SUPPLIED MATERIAL —
================================

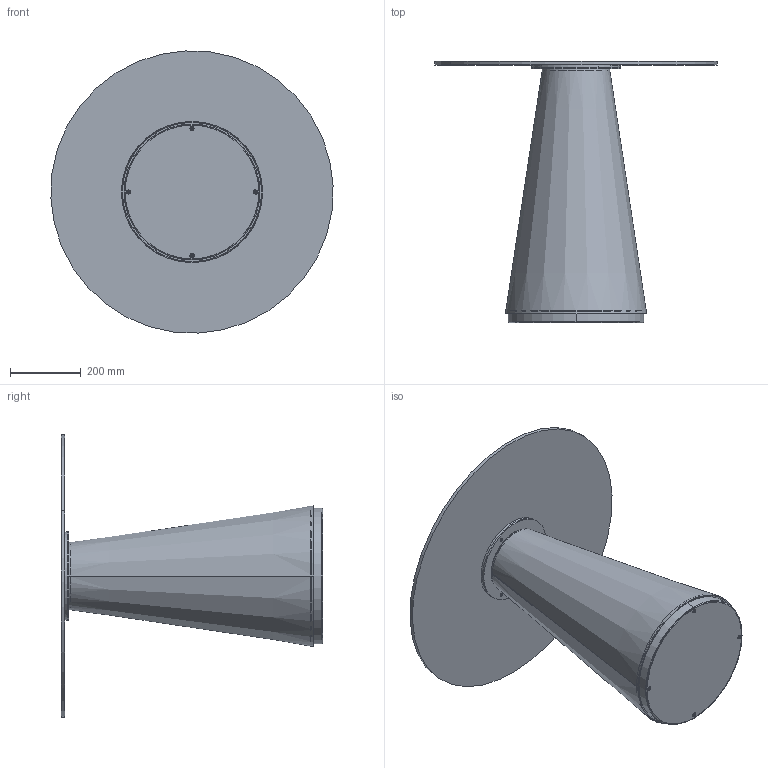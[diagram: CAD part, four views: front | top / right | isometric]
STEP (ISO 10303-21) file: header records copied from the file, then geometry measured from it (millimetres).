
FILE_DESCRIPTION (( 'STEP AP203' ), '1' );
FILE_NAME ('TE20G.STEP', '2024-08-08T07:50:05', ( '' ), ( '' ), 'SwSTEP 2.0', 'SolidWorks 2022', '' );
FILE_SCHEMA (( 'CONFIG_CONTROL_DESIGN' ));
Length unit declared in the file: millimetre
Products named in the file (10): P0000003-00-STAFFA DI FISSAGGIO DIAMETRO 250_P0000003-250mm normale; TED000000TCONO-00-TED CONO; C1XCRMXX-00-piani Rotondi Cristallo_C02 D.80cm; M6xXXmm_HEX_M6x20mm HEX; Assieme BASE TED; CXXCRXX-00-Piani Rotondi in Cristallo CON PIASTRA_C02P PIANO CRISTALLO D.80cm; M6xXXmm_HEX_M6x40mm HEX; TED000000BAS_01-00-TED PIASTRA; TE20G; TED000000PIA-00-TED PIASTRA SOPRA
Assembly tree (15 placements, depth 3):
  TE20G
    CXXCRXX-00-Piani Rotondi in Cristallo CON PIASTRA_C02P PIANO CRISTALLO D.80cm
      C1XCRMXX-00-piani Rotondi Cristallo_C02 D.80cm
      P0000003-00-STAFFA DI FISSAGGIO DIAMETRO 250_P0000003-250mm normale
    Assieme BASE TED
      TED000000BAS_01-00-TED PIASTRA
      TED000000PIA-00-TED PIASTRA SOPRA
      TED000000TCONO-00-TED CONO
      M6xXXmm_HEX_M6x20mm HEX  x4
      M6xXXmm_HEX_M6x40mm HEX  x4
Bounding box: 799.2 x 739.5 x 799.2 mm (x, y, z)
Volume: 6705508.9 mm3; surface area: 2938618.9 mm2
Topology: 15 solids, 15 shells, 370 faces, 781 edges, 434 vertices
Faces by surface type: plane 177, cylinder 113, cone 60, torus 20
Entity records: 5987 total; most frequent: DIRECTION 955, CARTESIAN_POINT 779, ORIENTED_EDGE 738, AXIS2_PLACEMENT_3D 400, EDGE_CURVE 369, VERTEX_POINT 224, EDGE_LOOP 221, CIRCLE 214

================================

TASK STATEMENT —
Copy out all the records exactly, excluding pictures.

RESULT —
[diagram: CAD part, four views: front | top / right | isometric]
STEP (ISO 10303-21) file: header records copied from the file, then geometry measured from it (millimetres).
FILE_DESCRIPTION (( 'STEP AP203' ), '1' );
FILE_NAME ('TE20G.STEP', '2024-08-08T07:50:05', ( '' ), ( '' ), 'SwSTEP 2.0', 'SolidWorks 2022', '' );
FILE_SCHEMA (( 'CONFIG_CONTROL_DESIGN' ));
Length unit declared in the file: millimetre
Products named in the file (10): P0000003-00-STAFFA DI FISSAGGIO DIAMETRO 250_P0000003-250mm normale; TED000000TCONO-00-TED CONO; C1XCRMXX-00-piani Rotondi Cristallo_C02 D.80cm; M6xXXmm_HEX_M6x20mm HEX; Assieme BASE TED; CXXCRXX-00-Piani Rotondi in Cristallo CON PIASTRA_C02P PIANO CRISTALLO D.80cm; M6xXXmm_HEX_M6x40mm HEX; TED000000BAS_01-00-TED PIASTRA; TE20G; TED000000PIA-00-TED PIASTRA SOPRA
Assembly tree (15 placements, depth 3):
  TE20G
    CXXCRXX-00-Piani Rotondi in Cristallo CON PIASTRA_C02P PIANO CRISTALLO D.80cm
      C1XCRMXX-00-piani Rotondi Cristallo_C02 D.80cm
      P0000003-00-STAFFA DI FISSAGGIO DIAMETRO 250_P0000003-250mm normale
    Assieme BASE TED
      TED000000BAS_01-00-TED PIASTRA
      TED000000PIA-00-TED PIASTRA SOPRA
      TED000000TCONO-00-TED CONO
      M6xXXmm_HEX_M6x20mm HEX  x4
      M6xXXmm_HEX_M6x40mm HEX  x4
Bounding box: 799.2 x 739.5 x 799.2 mm (x, y, z)
Volume: 6705508.9 mm3; surface area: 2938618.9 mm2
Topology: 15 solids, 15 shells, 370 faces, 781 edges, 434 vertices
Faces by surface type: plane 177, cylinder 113, cone 60, torus 20
Entity records: 5987 total; most frequent: DIRECTION 955, CARTESIAN_POINT 779, ORIENTED_EDGE 738, AXIS2_PLACEMENT_3D 400, EDGE_CURVE 369, VERTEX_POINT 224, EDGE_LOOP 221, CIRCLE 214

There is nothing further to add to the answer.